Work item:
Output the entries exactly. Start at the first line, finish with the line containing "[elements in it])", and omit the pictures.

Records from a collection

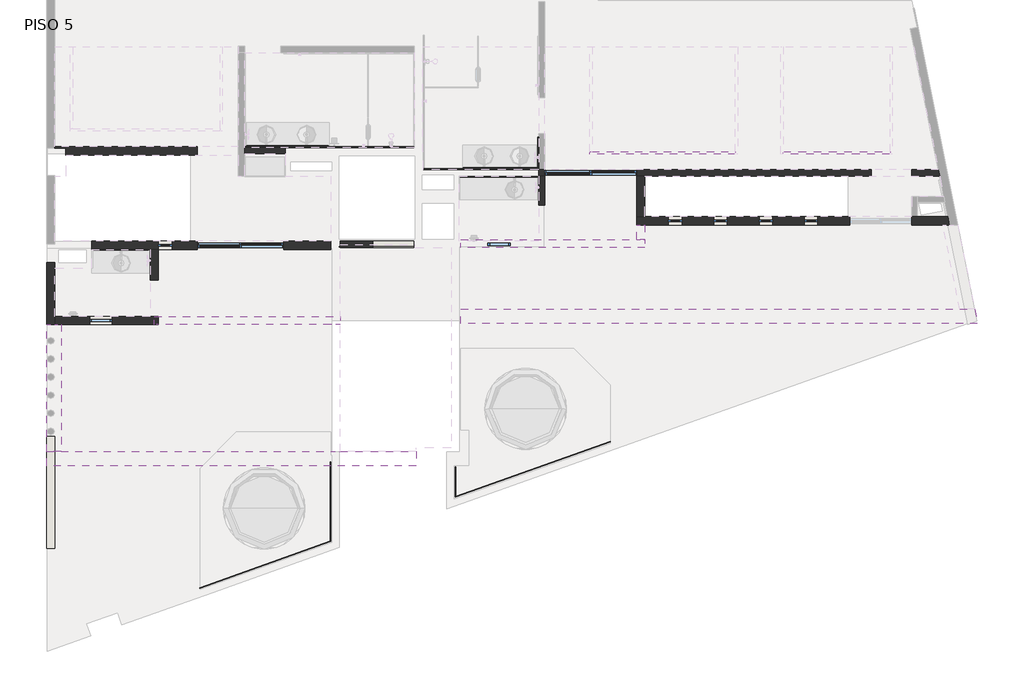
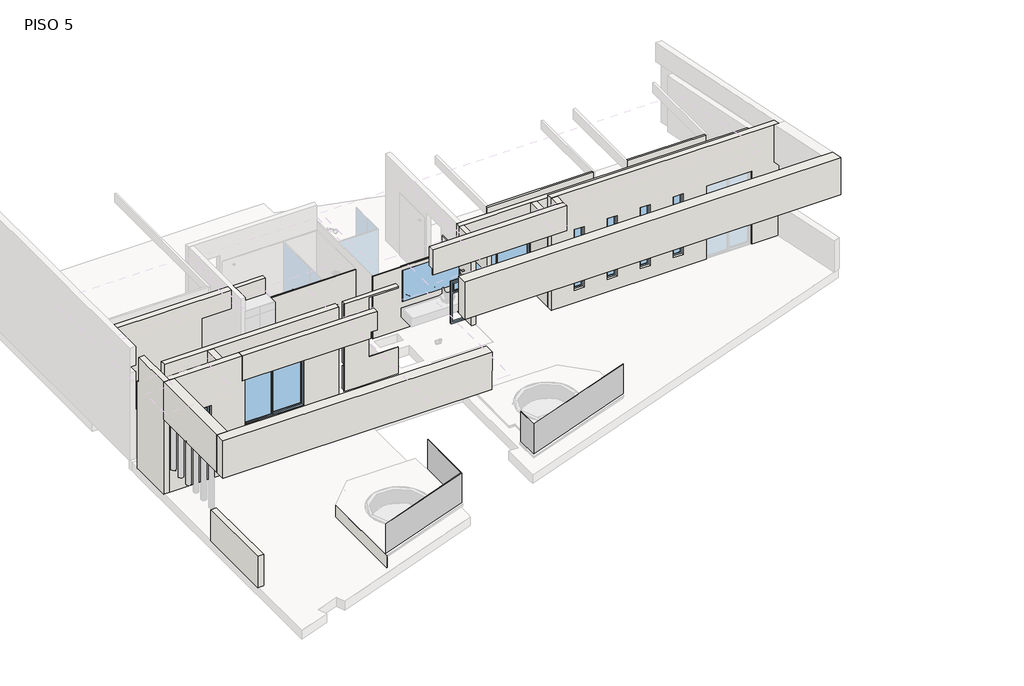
# One storey, part 1 of 3: 26 walls, 13 windows, 4 plates.
"""IFC4 building model written with IfcOpenShell, lengths in millimetres."""

import ifcopenshell
import ifcopenshell.guid

model = None  # the IFC model being written
_history = None  # IfcOwnerHistory: only IFC2X3 demands one
_inside = {}  # id of a spatial element -> (the spatial element, [elements in it])
_under = {}  # id of a project, library or spatial element -> (it, [spatial elements below it])
_declared = {}  # id of a project -> (the project, [libraries it declares])
_typed = {}  # id of a type object -> (the type object, [elements of that type])
_made_of = {}  # id of a material, layer set ... -> (it, [elements and type objects made of it])


def new_model(schema):
    """Start an empty IFC model of exactly this schema.

    Asked for "IFC4X3", IfcOpenShell would pick the latest addendum, in which some entities
    have other attributes; the version numbers below select the first issue.
    IFC2X3 requires an IfcOwnerHistory on every rooted entity: one is made here for all.
    """
    global model, _history
    if schema == "IFC4X3":
        model = ifcopenshell.file(schema_version=(4, 3, 0, 0))
    else:
        model = ifcopenshell.file(schema=schema)
    _inside.clear()
    _under.clear()
    _declared.clear()
    _typed.clear()
    _made_of.clear()
    _history = None
    if model.schema == "IFC2X3":
        org = make("IfcOrganization", Name="unknown")
        user = make(
            "IfcPersonAndOrganization",
            ThePerson=make("IfcPerson", FamilyName="unknown"),
            TheOrganization=org,
        )
        app = make(
            "IfcApplication",
            ApplicationDeveloper=org,
            Version="unknown",
            ApplicationFullName="unknown",
            ApplicationIdentifier="unknown",
        )
        _history = make(
            "IfcOwnerHistory",
            OwningUser=user,
            OwningApplication=app,
            ChangeAction="ADDED",
            CreationDate=0,
        )
    return model


def make(cls, **values):
    """One entity of the class cls with the attributes given. An attribute that is None is left unset."""
    return model.create_entity(
        cls, **{name: value for name, value in values.items() if value is not None}
    )


def rooted(cls, **values):
    """An entity with a GlobalId (a new one), such as an element, a storey or a relation."""
    return make(cls, GlobalId=ifcopenshell.guid.new(), OwnerHistory=_history, **values)


def si_unit(unit_type, name, prefix=None):
    """IfcSIUnit, for example si_unit("LENGTHUNIT", "METRE", prefix="MILLI")."""
    return make("IfcSIUnit", UnitType=unit_type, Prefix=prefix, Name=name)


def assignment(units):
    """IfcUnitAssignment: the units of a project."""
    return None if units is None else make("IfcUnitAssignment", Units=units)


def point(xyz):
    """IfcCartesianPoint."""
    return None if xyz is None else make("IfcCartesianPoint", Coordinates=xyz)


def direction(xyz):
    """IfcDirection."""
    return None if xyz is None else make("IfcDirection", DirectionRatios=xyz)


def frame(location, z_axis=None, x_axis=None):
    """IfcAxis2Placement3D, a coordinate frame: its origin and axes. An axis left out is left unset."""
    return make(
        "IfcAxis2Placement3D",
        Location=point(location),
        Axis=direction(z_axis),
        RefDirection=direction(x_axis),
    )


def origin():
    """The frame at (0, 0, 0) with its axes left unset."""
    return frame((0.0, 0.0, 0.0))


def origin_with_axes():
    """The frame at (0, 0, 0) with the z axis (0, 0, 1) and the x axis (1, 0, 0) written out."""
    return frame((0.0, 0.0, 0.0), z_axis=(0.0, 0.0, 1.0), x_axis=(1.0, 0.0, 0.0))


def place(relative_to, where):
    """IfcLocalPlacement: puts the frame where relative to a parent placement (None: the world)."""
    return make(
        "IfcLocalPlacement", PlacementRelTo=relative_to, RelativePlacement=where
    )


def context(
    kind, dimensions, precision=None, world=None, true_north=None, identifier=None
):
    """IfcGeometricRepresentationContext, for example the 3D "Model" context."""
    return make(
        "IfcGeometricRepresentationContext",
        ContextIdentifier=identifier,
        ContextType=kind,
        CoordinateSpaceDimension=dimensions,
        Precision=precision,
        WorldCoordinateSystem=world,
        TrueNorth=true_north,
    )


def project(units=None, contexts=None):
    """IfcProject with its units and contexts."""
    return rooted(
        "IfcProject",
        Name="project",
        RepresentationContexts=contexts,
        UnitsInContext=assignment(units),
    )


def spatial(cls, under=None, at=None, **own):
    """A site, building, storey or space (cls), placed at a placement, below another one or the project."""
    s = rooted(cls, ObjectPlacement=at, **own)
    if under is not None:
        _under.setdefault(under.id(), (under, []))[1].append(s)
    return s


def polyline(points):
    """IfcPolyline through the points."""
    return make("IfcPolyline", Points=[point(p) for p in points])


def outline(outer, holes=None, kind="AREA"):
    """IfcArbitraryClosedProfileDef: a profile drawn as a closed curve; with holes, ...WithVoids."""
    if holes is None:
        return make("IfcArbitraryClosedProfileDef", ProfileType=kind, OuterCurve=outer)
    return make(
        "IfcArbitraryProfileDefWithVoids",
        ProfileType=kind,
        OuterCurve=outer,
        InnerCurves=holes,
    )


def extrude(swept, where, along, depth):
    """IfcExtrudedAreaSolid: the profile swept, set in the frame where, extruded along a direction by depth."""
    return make(
        "IfcExtrudedAreaSolid",
        SweptArea=swept,
        Position=where,
        ExtrudedDirection=direction(along),
        Depth=depth,
    )


def faces_of(points, faces, orient=None, outer=None):
    """IfcFace entities. A face is a list of loops; a loop is a list of indices into points, from 0.

    orient and outer hold one flag for each loop. By default every Orientation is true, the
    first loop of a face is its IfcFaceOuterBound and the others are IfcFaceBound.
    """
    made = []
    for i, loops in enumerate(faces):
        bounds = []
        for j, loop in enumerate(loops):
            is_outer = j == 0 if outer is None else outer[i][j]
            bounds.append(
                make(
                    "IfcFaceOuterBound" if is_outer else "IfcFaceBound",
                    Bound=make("IfcPolyLoop", Polygon=[points[k] for k in loop]),
                    Orientation=True if orient is None else orient[i][j],
                )
            )
        made.append(make("IfcFace", Bounds=bounds))
    return made


def faceted_brep(points, faces, orient=None, outer=None, voids=None):
    """IfcFacetedBrep: a solid bounded by flat faces; with voids (closed shells), ...WithVoids."""
    shared = [point(p) for p in points]
    hull = make("IfcClosedShell", CfsFaces=faces_of(shared, faces, orient, outer))
    if voids is None:
        return make("IfcFacetedBrep", Outer=hull)
    return make(
        "IfcFacetedBrepWithVoids",
        Outer=hull,
        Voids=[
            make(cls, CfsFaces=faces_of(shared, fs, o, b)) for cls, fs, o, b in voids
        ],
    )


def shape(context_of_items, identifier, shape_type, items):
    """IfcShapeRepresentation: the items that make up one representation, for example the "Body"."""
    return make(
        "IfcShapeRepresentation",
        ContextOfItems=context_of_items,
        RepresentationIdentifier=identifier,
        RepresentationType=shape_type,
        Items=items,
    )


def source(mapping_origin, context_of_items, identifier, shape_type, items):
    """IfcRepresentationMap: a shape defined once, which mapped items show again and again."""
    return make(
        "IfcRepresentationMap",
        MappingOrigin=mapping_origin,
        MappedRepresentation=shape(context_of_items, identifier, shape_type, items),
    )


def transform(
    local_origin,
    x_axis=None,
    y_axis=None,
    z_axis=None,
    scale=None,
    scale2=None,
    scale3=None,
    uniform=True,
):
    """IfcCartesianTransformationOperator3D, or its non-uniform kind. x_axis, y_axis, z_axis: its Axis1, 2, 3."""
    if uniform:
        return make(
            "IfcCartesianTransformationOperator3D",
            Axis1=direction(x_axis),
            Axis2=direction(y_axis),
            LocalOrigin=point(local_origin),
            Scale=scale,
            Axis3=direction(z_axis),
        )
    return make(
        "IfcCartesianTransformationOperator3DnonUniform",
        Axis1=direction(x_axis),
        Axis2=direction(y_axis),
        LocalOrigin=point(local_origin),
        Scale=scale,
        Axis3=direction(z_axis),
        Scale2=scale2,
        Scale3=scale3,
    )


def mapped(mapping_source, mapping_target):
    """IfcMappedItem: shows the shape of a source again, moved by a transform."""
    return make(
        "IfcMappedItem", MappingSource=mapping_source, MappingTarget=mapping_target
    )


def made_of(thing, what):
    """Note that an element or type object is made of a material, layer set ...; save() writes the relation."""
    if what is not None:
        _made_of.setdefault(what.id(), (what, []))[1].append(thing)
    return thing


def element(
    cls,
    number,
    at=None,
    inside=None,
    cuts=None,
    type_object=None,
    material=None,
    context=None,
    identifier="Body",
    shape_type=None,
    held_by="IfcProductDefinitionShape",
    body=None,
    shapes=None,
    **own,
):
    """One element of the class cls, such as IfcWall. Its Tag is "e" and its number.

    at: its placement. inside: the storey or other place that contains it. cuts: it is an
    opening in that element (IfcRelVoidsElement). A single representation is given by context,
    identifier, shape_type and body (its items); several are given by shapes. held_by: the class
    of the entity that holds the representations. save() writes the other relations.
    """
    e = rooted(cls, Tag="e%d" % number, ObjectPlacement=at, **own)
    if body is not None:
        shapes = [shape(context, identifier, shape_type, body)]
    if shapes is not None:
        e.Representation = make(held_by, Representations=shapes)
    if inside is not None:
        _inside.setdefault(inside.id(), (inside, []))[1].append(e)
    if cuts is not None:
        rooted(
            "IfcRelVoidsElement", RelatingBuildingElement=cuts, RelatedOpeningElement=e
        )
    if type_object is not None:
        _typed.setdefault(type_object.id(), (type_object, []))[1].append(e)
    return made_of(e, material)


def aggregate(whole, parts):
    """IfcRelAggregates: a whole, such as a stair, and the parts it consists of."""
    return rooted("IfcRelAggregates", RelatingObject=whole, RelatedObjects=parts)


def save(model, path):
    """Write the relations noted so far, then the file.

    IfcRelAggregates (storeys below a building ...), IfcRelContainedInSpatialStructure (elements
    in a storey), IfcRelDefinesByType, IfcRelAssociatesMaterial and IfcRelDeclares: one each for
    every whole, place, type object, material and project.
    """
    for whole, parts in _under.values():
        aggregate(whole, parts)
    for where, things in _inside.values():
        rooted(
            "IfcRelContainedInSpatialStructure",
            RelatedElements=things,
            RelatingStructure=where,
        )
    for kind, things in _typed.values():
        rooted("IfcRelDefinesByType", RelatedObjects=things, RelatingType=kind)
    for what, things in _made_of.values():
        rooted("IfcRelAssociatesMaterial", RelatedObjects=things, RelatingMaterial=what)
    for by, libraries in _declared.values():
        rooted("IfcRelDeclares", RelatingContext=by, RelatedDefinitions=libraries)
    model.write(path)


def panel_del_sistema_6213fee9(model_context):
    return source(origin(), model_context, "Body", "SweptSolid", [
        extrude(outline(polyline([(1534.0319614, -5.0), (-1534.0319614, -5.0), (-1534.0319614, 5.0), (1534.0319614, 5.0), (1534.0319614, -5.0)])), origin_with_axes(), (0.0, 0.0, 1.0), 950.0),
    ])


def panel_del_sistema_d6f74f74(model_context):
    return source(origin(), model_context, "Body", "SweptSolid", [
        extrude(outline(polyline([(879.5373628, -5.0), (-879.5373628, -5.0), (-879.5373628, 5.0), (879.5373628, 5.0), (879.5373628, -5.0)])), origin_with_axes(), (0.0, 0.0, 1.0), 950.0),
    ])


def panel_del_sistema_5ee2ac6d(model_context):
    return source(origin(), model_context, "Body", "SweptSolid", [
        extrude(outline(polyline([(330.0, -5.0), (-330.0, -5.0), (-330.0, 5.0), (330.0, 5.0), (330.0, -5.0)])), origin_with_axes(), (0.0, 0.0, 1.0), 950.0),
    ])


def panel_del_sistema_3edf12d6(model_context):
    return source(origin(), model_context, "Body", "SweptSolid", [
        extrude(outline(polyline([(1810.0226196, -5.0), (-1810.0226196, -5.0), (-1810.0226196, 5.0), (1810.0226196, 5.0), (1810.0226196, -5.0)])), origin_with_axes(), (0.0, 0.0, 1.0), 950.0),
    ])


def window_504e83ce(model_context):
    return source(origin(), model_context, "Body", "SweptSolid", [
        extrude(outline(polyline([(1500.0, -210.0), (1500.0, 210.0), (1810.0, 210.0), (1810.0, -210.0), (1500.0, -210.0)]), holes=[polyline([(1770.0, -170.0), (1770.0, 170.0), (1540.0, 170.0), (1540.0, -170.0), (1770.0, -170.0)])]), frame((0.0, -25.0, 0.0), z_axis=(0.0, 1.0, 0.0), x_axis=(0.0, 0.0, 1.0)), (0.0, 0.0, 1.0), 50.0),
        extrude(outline(polyline([(210.0, -3.0), (-210.0, -3.0), (-210.0, 3.0), (210.0, 3.0), (210.0, -3.0)])), frame((0.0, 0.0, 1540.0), z_axis=(0.0, 0.0, 1.0), x_axis=(1.0, 0.0, 0.0)), (0.0, 0.0, 1.0), 270.0),
        extrude(outline(polyline([(1850.0, -250.0), (500.0, -250.0), (500.0, 250.0), (1850.0, 250.0), (1850.0, -250.0)]), holes=[polyline([(1460.0, -210.0), (1460.0, 210.0), (540.0, 210.0), (540.0, -210.0), (1460.0, -210.0)]), polyline([(1500.0, 210.0), (1500.0, -210.0), (1810.0, -210.0), (1810.0, 210.0), (1500.0, 210.0)])]), frame((0.0, -25.0, 0.0), z_axis=(0.0, 1.0, 0.0), x_axis=(0.0, 0.0, 1.0)), (0.0, 0.0, 1.0), 50.0),
    ])


def window_2ffae9cd(model_context):
    return source(origin(), model_context, "Body", "SweptSolid", [
        extrude(outline(polyline([(-20.0, -28.0), (-958.15, -28.0), (-958.15, -22.0), (-20.0, -22.0), (-20.0, -28.0)])), frame((0.0, 0.0, 55.0), z_axis=(0.0, 0.0, 1.0), x_axis=(1.0, 0.0, 0.0)), (0.0, 0.0, 1.0), 2240.0),
        extrude(outline(polyline([(15.0, -998.15), (15.0, 20.0), (2335.0, 20.0), (2335.0, -998.15), (15.0, -998.15)]), holes=[polyline([(2295.0, -958.15), (2295.0, -20.0), (55.0, -20.0), (55.0, -958.15), (2295.0, -958.15)])]), frame((0.0, -50.0, 0.0), z_axis=(0.0, 1.0, 0.0), x_axis=(0.0, 0.0, 1.0)), (0.0, 0.0, 1.0), 50.0),
        extrude(outline(polyline([(20.0, 28.0), (958.15, 28.0), (958.15, 22.0), (20.0, 22.0), (20.0, 28.0)])), frame((0.0, 0.0, 55.0), z_axis=(0.0, 0.0, 1.0), x_axis=(1.0, 0.0, 0.0)), (0.0, 0.0, 1.0), 2240.0),
        extrude(outline(polyline([(15.0, -20.0), (15.0, 998.15), (2335.0, 998.15), (2335.0, -20.0), (15.0, -20.0)]), holes=[polyline([(2295.0, 20.0), (2295.0, 958.15), (55.0, 958.15), (55.0, 20.0), (2295.0, 20.0)])]), frame((0.0, 0.0, 0.0), z_axis=(0.0, 1.0, 0.0), x_axis=(0.0, 0.0, 1.0)), (0.0, 0.0, 1.0), 50.0),
        extrude(outline(polyline([(0.0, -1013.15), (0.0, 1013.15), (2350.0, 1013.15), (2350.0, -1013.15), (0.0, -1013.15)]), holes=[polyline([(2335.0, -998.15), (2335.0, 998.15), (15.0, 998.15), (15.0, -998.15), (2335.0, -998.15)])]), frame((0.0, -50.0, 0.0), z_axis=(0.0, 1.0, 0.0), x_axis=(0.0, 0.0, 1.0)), (0.0, 0.0, 1.0), 100.0),
    ])


def window_61701810(model_context):
    return source(origin(), model_context, "Body", "SweptSolid", [
        extrude(outline(polyline([(-20.0, -28.0), (-895.0, -28.0), (-895.0, -22.0), (-20.0, -22.0), (-20.0, -28.0)])), frame((0.0, 0.0, 55.0), z_axis=(0.0, 0.0, 1.0), x_axis=(1.0, 0.0, 0.0)), (0.0, 0.0, 1.0), 2240.0),
        extrude(outline(polyline([(15.0, -935.0), (15.0, 20.0), (2335.0, 20.0), (2335.0, -935.0), (15.0, -935.0)]), holes=[polyline([(2295.0, -895.0), (2295.0, -20.0), (55.0, -20.0), (55.0, -895.0), (2295.0, -895.0)])]), frame((0.0, -50.0, 0.0), z_axis=(0.0, 1.0, 0.0), x_axis=(0.0, 0.0, 1.0)), (0.0, 0.0, 1.0), 50.0),
        extrude(outline(polyline([(20.0, 28.0), (895.0, 28.0), (895.0, 22.0), (20.0, 22.0), (20.0, 28.0)])), frame((0.0, 0.0, 55.0), z_axis=(0.0, 0.0, 1.0), x_axis=(1.0, 0.0, 0.0)), (0.0, 0.0, 1.0), 2240.0),
        extrude(outline(polyline([(15.0, -20.0), (15.0, 935.0), (2335.0, 935.0), (2335.0, -20.0), (15.0, -20.0)]), holes=[polyline([(2295.0, 20.0), (2295.0, 895.0), (55.0, 895.0), (55.0, 20.0), (2295.0, 20.0)])]), frame((0.0, 0.0, 0.0), z_axis=(0.0, 1.0, 0.0), x_axis=(0.0, 0.0, 1.0)), (0.0, 0.0, 1.0), 50.0),
        extrude(outline(polyline([(0.0, -950.0), (0.0, 950.0), (2350.0, 950.0), (2350.0, -950.0), (0.0, -950.0)]), holes=[polyline([(2335.0, -935.0), (2335.0, 935.0), (15.0, 935.0), (15.0, -935.0), (2335.0, -935.0)])]), frame((0.0, -50.0, 0.0), z_axis=(0.0, 1.0, 0.0), x_axis=(0.0, 0.0, 1.0)), (0.0, 0.0, 1.0), 100.0),
    ])


def window_c98c8cd7(model_context):
    return source(origin(), model_context, "Body", "SweptSolid", [
        extrude(outline(polyline([(-820.0, 19.0), (-820.0, 30.0), (820.0, 30.0), (820.0, 19.0), (-820.0, 19.0)])), origin_with_axes(), (0.0, 0.0, 1.0), 1000.0),
    ])


def window_ec9bc15d(model_context):
    return source(origin(), model_context, "Body", "SweptSolid", [
        extrude(outline(polyline([(-600.0, 99.0), (-600.0, 110.0), (600.0, 110.0), (600.0, 99.0), (-600.0, 99.0)])), origin_with_axes(), (0.0, 0.0, 1.0), 1000.0),
    ])


def window_0928f371(model_context):
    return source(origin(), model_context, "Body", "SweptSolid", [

Task response:
# One storey, part 1 of 3: 26 walls, 13 windows, 4 plates.
"""IFC4 building model written with IfcOpenShell, lengths in millimetres."""

import ifcopenshell
import ifcopenshell.guid

model = None  # the IFC model being written
_history = None  # IfcOwnerHistory: only IFC2X3 demands one
_inside = {}  # id of a spatial element -> (the spatial element, [elements in it])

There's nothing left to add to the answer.